Records provided section start

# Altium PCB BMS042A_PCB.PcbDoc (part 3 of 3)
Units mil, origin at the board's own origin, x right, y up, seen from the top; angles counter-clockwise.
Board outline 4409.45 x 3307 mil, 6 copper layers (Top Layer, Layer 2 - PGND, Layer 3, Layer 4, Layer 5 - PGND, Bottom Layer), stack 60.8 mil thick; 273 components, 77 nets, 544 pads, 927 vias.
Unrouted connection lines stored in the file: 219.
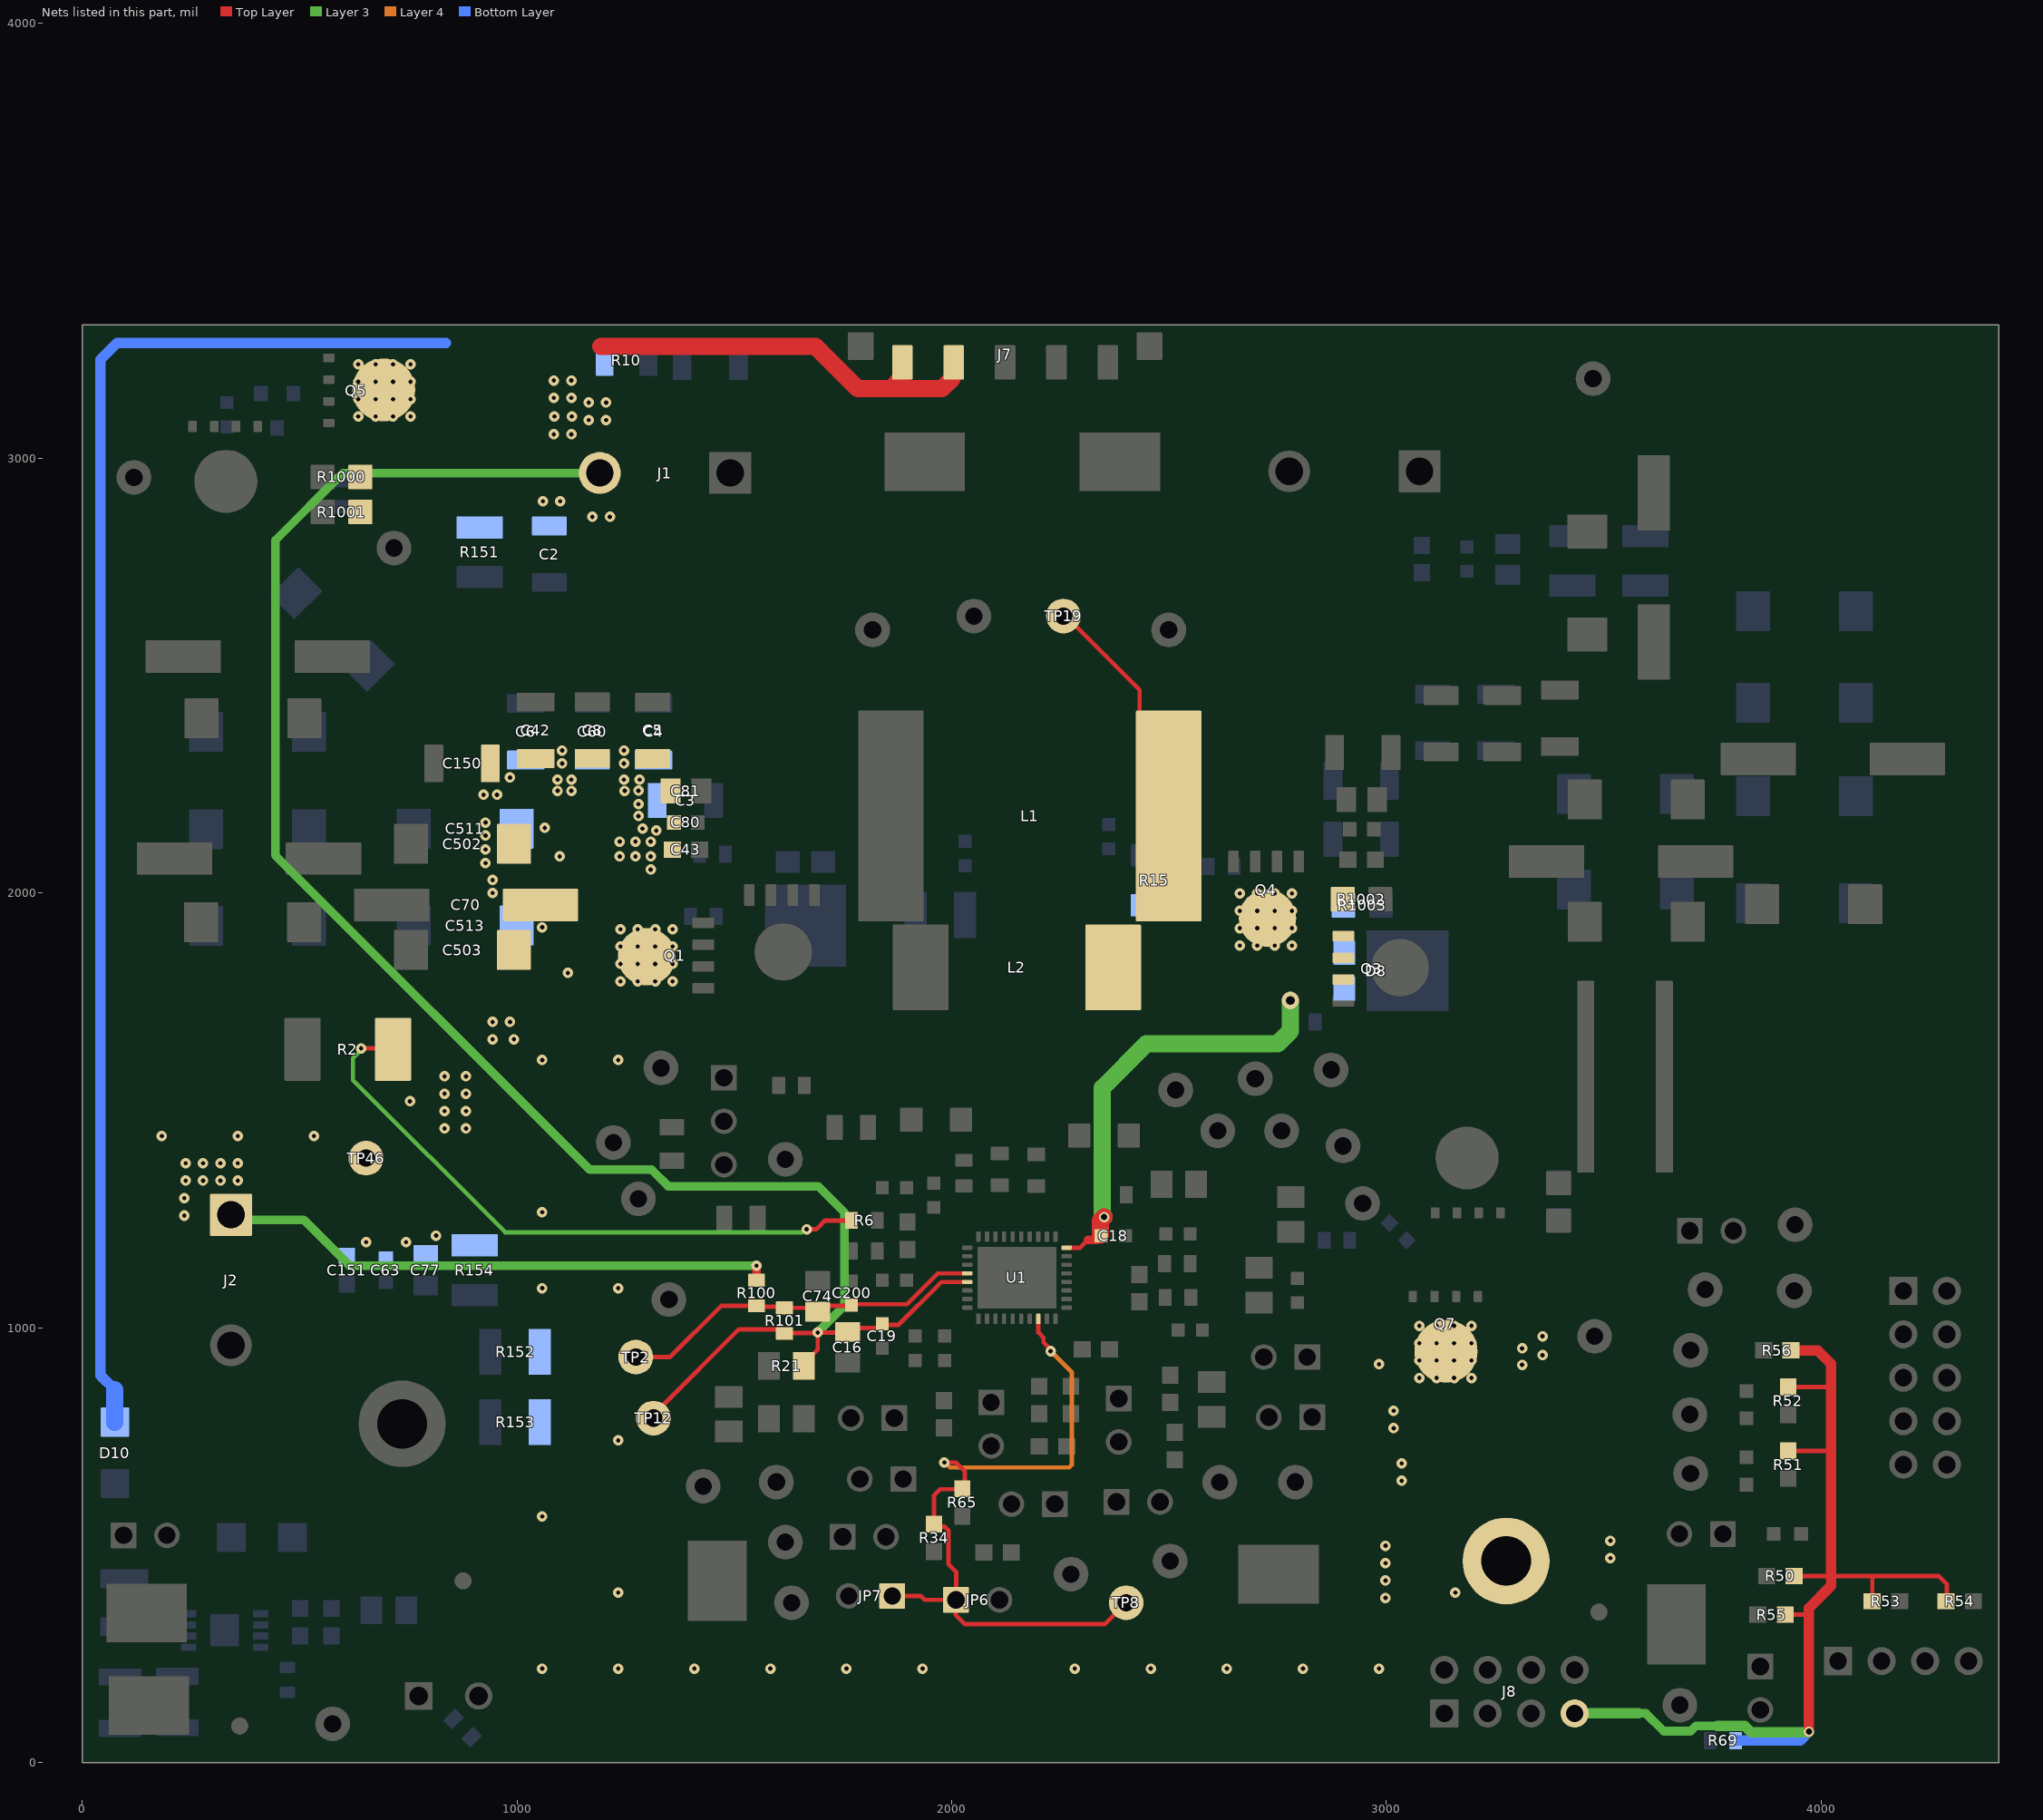
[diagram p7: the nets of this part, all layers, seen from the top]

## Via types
v1: diameter 24, hole 10, Top Layer to Bottom Layer, tented both sides, 653 vias
v2: diameter 24, hole 9.8, Top Layer to Bottom Layer, tented both sides, 132 vias
v3: diameter 24, hole 14, Top Layer to Bottom Layer, tented both sides, 105 vias
v4: diameter 40, hole 20, Top Layer to Bottom Layer, tented both sides, 21 vias
v5: diameter 19.68, hole 7.87, Top Layer to Bottom Layer, tented both sides, 16 vias

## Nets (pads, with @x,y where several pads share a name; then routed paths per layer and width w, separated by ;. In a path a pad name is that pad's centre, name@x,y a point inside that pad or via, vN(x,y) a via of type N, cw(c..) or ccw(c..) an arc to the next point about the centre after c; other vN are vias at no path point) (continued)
SW2: C18.2 D8.1 D8.2 L1.2 L2.2 Q3.1 Q3.2 Q3.3 Q4.5-6-7-8 R15.2 R1002.1 R1003.1 TP19.1 U1.18 | length 1557.2
  Top Layer w9.84: U1.18@2264.2,1184.14 2295.58,1184.14 2307.09,1195.65
  Top Layer w10: TP19.1@2257.14,2637 2262.19,2637 2432.23,2466.96 2432.23,2243.89 L1.2@2499.14,2176.98 ; 2307.09,1195.65 2313.22,1201.78 ; C18.2@2333.89,1201.78 C18.2@2343.89,1211.78 C18.2@2342.36,1213.31
  Top Layer w20: 2313.22,1201.78 C18.2@2333.89,1201.78
  Top Layer w40: C18.2@2342.36,1213.31 2342.36,1246.63 v3(2350.49,1254.76)
  Layer 3 w40: v3(2350.49,1254.76) 2346.55,1258.71 2346.55,1551.7 2448.01,1653.16 2750,1653.16 2779.2,1682.35 2779.2,1747.25 2779.02,1747.43 v4(2779.02,1752.79)
  other v2: 2662.9,1879.01 2702.9,1879.01 2742.9,1879.01 2782.9,1879.01 2662.9,1919.01 2702.9,1919.01 2742.9,1919.01 2782.9,1919.01 2662.9,1959.01 2702.9,1959.01 2742.9,1959.01 2782.9,1959.01 2662.9,1999.01 2702.9,1999.01 2742.9,1999.01 2782.9,1999.01
SYS: C74.1 C200.1 R100.1 R101.2 TP2.1 U1.32 | length 848.7
  Top Layer w9.84: 1967.91,1125.09 U1.32@2035.85,1125.09
  Top Layer w10: TP2.1@1273.45,932.59 1351.94,932.59 1469.74,1050.39 R100.1@1551.11,1050.39 1553.42,1048.08 R101.2@1612.97,1048.08 ; R101.2@1615.29,1045.77 1682.9,1045.77 C74.1@1691.61,1037.06 ; C74.1@1690.6,1050.28 1768.18,1050.28 C200.1@1769.58,1051.68 1772.12,1054.22 1897.12,1054.22 1967.91,1125.01
  Top Layer w20: R101.2@1612.97,1048.08 R101.2@1615.29,1045.77
TS: JP6.1 JP7.1 R34.1 R65.2 TP8.1 U1.8 | length 1718.5
  Top Layer w9.84: 2199.23,989.1 U1.8@2199.23,1020.76
  Top Layer w10: JP7.1@1863.1,383.15 1928.48,383.15 1937.56,374.06 JP6.1@2009.85,374.06 ; v1(1983.09,690) 2010.14,690 2030.1,670.04 2030.1,635.59 2024.4,629.89 R65.2@2024.57,629.73 2023.38,628.54 1973.23,628.54 1959.43,614.74 R34.1@1959.43,548.32 1959.43,547.33 1964.28,542.49 1984.17,542.49 1992.97,533.69 1992.97,455.32 2010.62,437.68 2010.62,374.83 JP6.1@2009.85,374.06 ; 2199.31,989.13 2211.07,977.37 2211.07,966.31 2227.42,949.96 v1(2227.42,946.17) ; TP8.1@2401.38,367.5 2351.96,318.08 2030.53,318.08 2009.27,339.34 2009.27,373.48 JP6.1@2009.85,374.06
  Layer 4 w10: v1(1983.09,690) 1984.75,690 1995.95,678.8 2270.51,678.8 2276.36,684.66 2276.36,897.23 v1(2227.42,946.17)
VAC: C2.2 C16.1 C19.1 D10.2 J1.2 J7.4 J7.5 Q5.5-6-7-8 R10.2 R21.2 R101.1 R151.2 R1000.1 R1001.1 TP12.1 U1.33 | length 8694.4
  Top Layer w9.84: 1970.39,1099.43 1970.39,1099.54 1976.25,1105.4 U1.33@2035.85,1105.4
  Top Layer w10: TP12.1@1314.24,760.32 TP12.1@1314.24,808.29 ; TP12.1@1331,816.81 1510.48,996.29 1605.71,996.29 R101.1@1615.29,986.72 1616.48,987.91 1690.42,987.91 v1(1691.61,989.1) ; R21.2@1659.96,912.07 1659.96,918.57 1691.61,950.22 v1(1691.61,989.1) ; C19.1@1840.37,1006.65 1877.61,1006.65 1970.39,1099.43 ; C19.1@1840.37,1009.03 1830.81,999.46 1769.89,999.46 C16.1@1760.89,990.46 1759.53,989.1 v1(1691.61,989.1)
  Top Layer w40: 1192.48,3257 1686.95,3257 1783.96,3160 1859.64,3160 ; J7.5@1886.69,3220.53 1883.07,3216.91 1883.07,3183.43 1859.64,3160 ; J7.4@2004.8,3220.53 2001.18,3216.91 2001.18,3183.43 1977.75,3160 1859.64,3160
  Layer 3 w20: J1.2@1190.42,2966.06 599.06,2966.06 444.49,2811.49 444.49,2086.51 1167.49,1363.51 1310.1,1363.51 1347.99,1325.63 1692.8,1325.63 1753.69,1264.73 1753.69,1051.18 v1(1691.61,989.1)
  Bottom Layer w24: 75,857.5 42,890.5 42,3226.94 80.06,3265 836.73,3265
  Bottom Layer w40: D10.2@75,782.97 75,857.5
  other v1: 1173.64,2865.32 1213.64,2865.32 1059.62,2901.32 1099.62,2901.32 1085,3055 1125,3055 1165,3088 1205,3088 1086.2,3095.93 1126.2,3095.93 1165,3128 1205,3128 1085,3139 1125,3139 1085,3179 1125,3179
  other v2: 635,3096 675,3096 715,3096 755,3096 635,3136 675,3136 715,3136 755,3136 635,3176 675,3176 715,3176 755,3176 635,3216 675,3216 715,3216 755,3216
VIN3V3: J8.7 R50.2 R51.2 R52.2 R53.2 R54.2 R55.2 R56.2 R69.2 | length 2429.6
  Top Layer w10: R55.2@3917.5,340 3972,340 ; R52.2@3924,863.5 4018.24,863.5 4022.98,858.76 ; R51.2@3924.56,716.6 4020.57,716.6 4022.98,719 ; R50.2@3937.54,429 4022.98,429 4119,429 ; R53.2@4117.5,371 4117.5,427.5 4119,429 ; R54.2@4290.5,371 4289,372.5 4289,410.16 4270.16,429 4119,429
  Top Layer w24: R56.2@3930.5,948 3992,948 4022.98,917.02 4022.98,858.76 4022.98,719 4022.98,429 4022.98,406.28 3972,355.3 3972,340 v3(3972,71)
  Layer 3 w20: 3579.97,113 3597,113 3637.84,72.16 3699.79,72.16 3711.92,84.29 3760.83,84.29
  Layer 3 w24: J8.7@3433,113 3579.97,113 ; 3760.83,84.29 3824.06,84.29 3838.72,69.63 3970.63,69.63 v3(3972,71)
  Bottom Layer w24: R69.2@3803.53,50.37 3804.16,51 3952,51 v3(3972,71)
VSYS: C3.1 C4.1 C5.2 C6.1 C8.2 C42.2 C43.1 C60.1 C63.1 C70.2 C77.1 C80.1 C81.1 C150.2 C151.1 C502.2 C503.2 C511.2 C513.2 J2.1 pad.Pad1 Q1.5-6-7-8 Q7.5-6-7-8 R2.2 R6.2 R100.2 R152.2 R153.2 R154.2 TP46.1 | length 2748.3
  Top Layer w10: v1(641.66,1642.82) 712.64,1642.82 R2.2@714.95,1640.5 ; v1(1666.43,1226.63) 1688.77,1226.63 1708.69,1246.56 R6.2@1769.13,1246.56
  Top Layer w20: R100.2@1551.11,1109.45 v1(1551.11,1142.91)
  Layer 3 w10: v1(641.66,1642.82) 641.66,1639.03 623,1620.37 623,1569.5 972.87,1219.63 1655.64,1219.63 1662.64,1226.63 v1(1666.43,1226.63)
  Layer 3 w20: J2.1@342.13,1259.78 353.66,1248.25 509.25,1248.25 614.59,1142.91 v1(1551.11,1142.91)
  other v1: 1058,216 1233,216 1408,216 1583,216 1758,216 1933,216 2283,216 2458,216 2633,216 2808,216 2983,216 2998.01,378.52 1233,391 3158.45,390.71 2998.01,418.52 2998.01,458.52 3515.1,470.12 2998.01,498.52 3515.1,510.12 1058,566 3035.1,647.91 3035.1,687.91 1233,741 3016.59,769.13 3016.59,809.13 3312,914.85 2983,916 3359,936.87 3312,952.64 3359,980.4 1058,1091 1233,1091 653,1197 745,1197 814,1212 235,1258 1058,1266 235,1298 238,1338.61 278,1338.61 318,1338.61 358,1338.61 238,1378.61 278,1378.61 318,1378.61 358,1378.61 183,1441 358,1441 533,1441 833.55,1458.45 882.81,1458.45 833.55,1498.45 882.81,1498.45 754,1521 833.55,1538.45 882.81,1538.45 833.55,1578.45 882.81,1578.45 1058,1616 1233,1616 943.9,1663.4 993.16,1663.4 943.9,1703.4 983.95,1703.4 1117,1816 1058.04,1921.2 943.95,1999.99 943.9,2030 1307.79,2054 927.58,2069.01 1098.49,2084 1236.46,2084 1272.48,2084 1307.79,2084 927.58,2100 1236.46,2118.27 1272.48,2118.27 1307.79,2118.27 927.58,2132 1320.71,2143.66 1288.74,2148.22 1063.95,2149.84 927.58,2162.04 1279.4,2176.98 1279.4,2204.55 923,2225.92 954,2225.92 1093.62,2235.16 1125,2235 1247.74,2235 1279.39,2235.23 1093.62,2260.73 1125,2260.73 1246,2260.73 1282.16,2260.73 983.95,2265.72 1103.95,2297.91 1246,2297.91 1104,2328 1246,2328
  other v2: 3075.65,884.56 3115.65,884.56 3155.65,884.56 3195.65,884.56 3075.65,924.56 3115.65,924.56 3155.65,924.56 3195.65,924.56 3075.65,964.56 3115.65,964.56 3155.65,964.56 3195.65,964.56 3075.65,1004.56 3115.65,1004.56 3155.65,1004.56 3195.65,1004.56 1237.97,1796.89 1277.97,1796.89 1317.97,1796.89 1357.97,1796.89 1237.97,1836.89 1277.97,1836.89 1317.97,1836.89 1357.97,1836.89 1237.97,1876.89 1277.97,1876.89 1317.97,1876.89 1357.97,1876.89 1237.97,1916.89 1277.97,1916.89 1317.97,1916.89 1357.97,1916.89
pads on no net: D1.2 FID1.1 FID2.1 FID3.1 FID4.1 FID5.1 FID6.1 H1.0 H2.0 H3.0 H4.0 J4.1 J4.2 J4.3 J4.4 J4.5 J4.7 J4.8 J5.4 LBL1.0 SH-JP1.0 SH-JP2.0 SH-JP3.0 SH-JP4.0 SH-JP5.0 SH-JP6.0 SH-JP7.0 SH-JP8.0 SH-JP9.0 SH-JP10.0 SH-JP11.0 U2.3 U2.6 U2.7

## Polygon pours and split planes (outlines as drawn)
PGND on Top Layer "TOP_LAYER_PGND_P669" (solid, remove dead copper, pour order 669): 1,3310 1,-1 4409.45,-1 4409.45,3304.45 4410,3305 2,3305 0,3307
BAT on Top Layer "TOP_LAYER_BAT_P668" (solid, remove dead copper, pour order 668): 3428,1838.67 3428,1307 4434,1307 4434,3309 4436,3311 2939.16,3311 2939.16,2781 3971,2781 3971,1838.67
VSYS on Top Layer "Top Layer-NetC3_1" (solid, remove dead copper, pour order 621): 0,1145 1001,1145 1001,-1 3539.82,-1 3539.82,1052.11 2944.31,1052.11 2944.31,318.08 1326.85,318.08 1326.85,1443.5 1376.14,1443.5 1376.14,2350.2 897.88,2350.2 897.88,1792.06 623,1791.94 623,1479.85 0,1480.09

Records provided section end

** Description of the task **
Within the data above, the lines from the one with "VAC: C2.2 C16.1" to the one with "VIN3V3: J8.7 R50.2" must be repeated exactly; no other line belongs in the answer.

** The answer **
VAC: C2.2 C16.1 C19.1 D10.2 J1.2 J7.4 J7.5 Q5.5-6-7-8 R10.2 R21.2 R101.1 R151.2 R1000.1 R1001.1 TP12.1 U1.33 | length 8694.4
  Top Layer w9.84: 1970.39,1099.43 1970.39,1099.54 1976.25,1105.4 U1.33@2035.85,1105.4
  Top Layer w10: TP12.1@1314.24,760.32 TP12.1@1314.24,808.29 ; TP12.1@1331,816.81 1510.48,996.29 1605.71,996.29 R101.1@1615.29,986.72 1616.48,987.91 1690.42,987.91 v1(1691.61,989.1) ; R21.2@1659.96,912.07 1659.96,918.57 1691.61,950.22 v1(1691.61,989.1) ; C19.1@1840.37,1006.65 1877.61,1006.65 1970.39,1099.43 ; C19.1@1840.37,1009.03 1830.81,999.46 1769.89,999.46 C16.1@1760.89,990.46 1759.53,989.1 v1(1691.61,989.1)
  Top Layer w40: 1192.48,3257 1686.95,3257 1783.96,3160 1859.64,3160 ; J7.5@1886.69,3220.53 1883.07,3216.91 1883.07,3183.43 1859.64,3160 ; J7.4@2004.8,3220.53 2001.18,3216.91 2001.18,3183.43 1977.75,3160 1859.64,3160
  Layer 3 w20: J1.2@1190.42,2966.06 599.06,2966.06 444.49,2811.49 444.49,2086.51 1167.49,1363.51 1310.1,1363.51 1347.99,1325.63 1692.8,1325.63 1753.69,1264.73 1753.69,1051.18 v1(1691.61,989.1)
  Bottom Layer w24: 75,857.5 42,890.5 42,3226.94 80.06,3265 836.73,3265
  Bottom Layer w40: D10.2@75,782.97 75,857.5
  other v1: 1173.64,2865.32 1213.64,2865.32 1059.62,2901.32 1099.62,2901.32 1085,3055 1125,3055 1165,3088 1205,3088 1086.2,3095.93 1126.2,3095.93 1165,3128 1205,3128 1085,3139 1125,3139 1085,3179 1125,3179
  other v2: 635,3096 675,3096 715,3096 755,3096 635,3136 675,3136 715,3136 755,3136 635,3176 675,3176 715,3176 755,3176 635,3216 675,3216 715,3216 755,3216
VIN3V3: J8.7 R50.2 R51.2 R52.2 R53.2 R54.2 R55.2 R56.2 R69.2 | length 2429.6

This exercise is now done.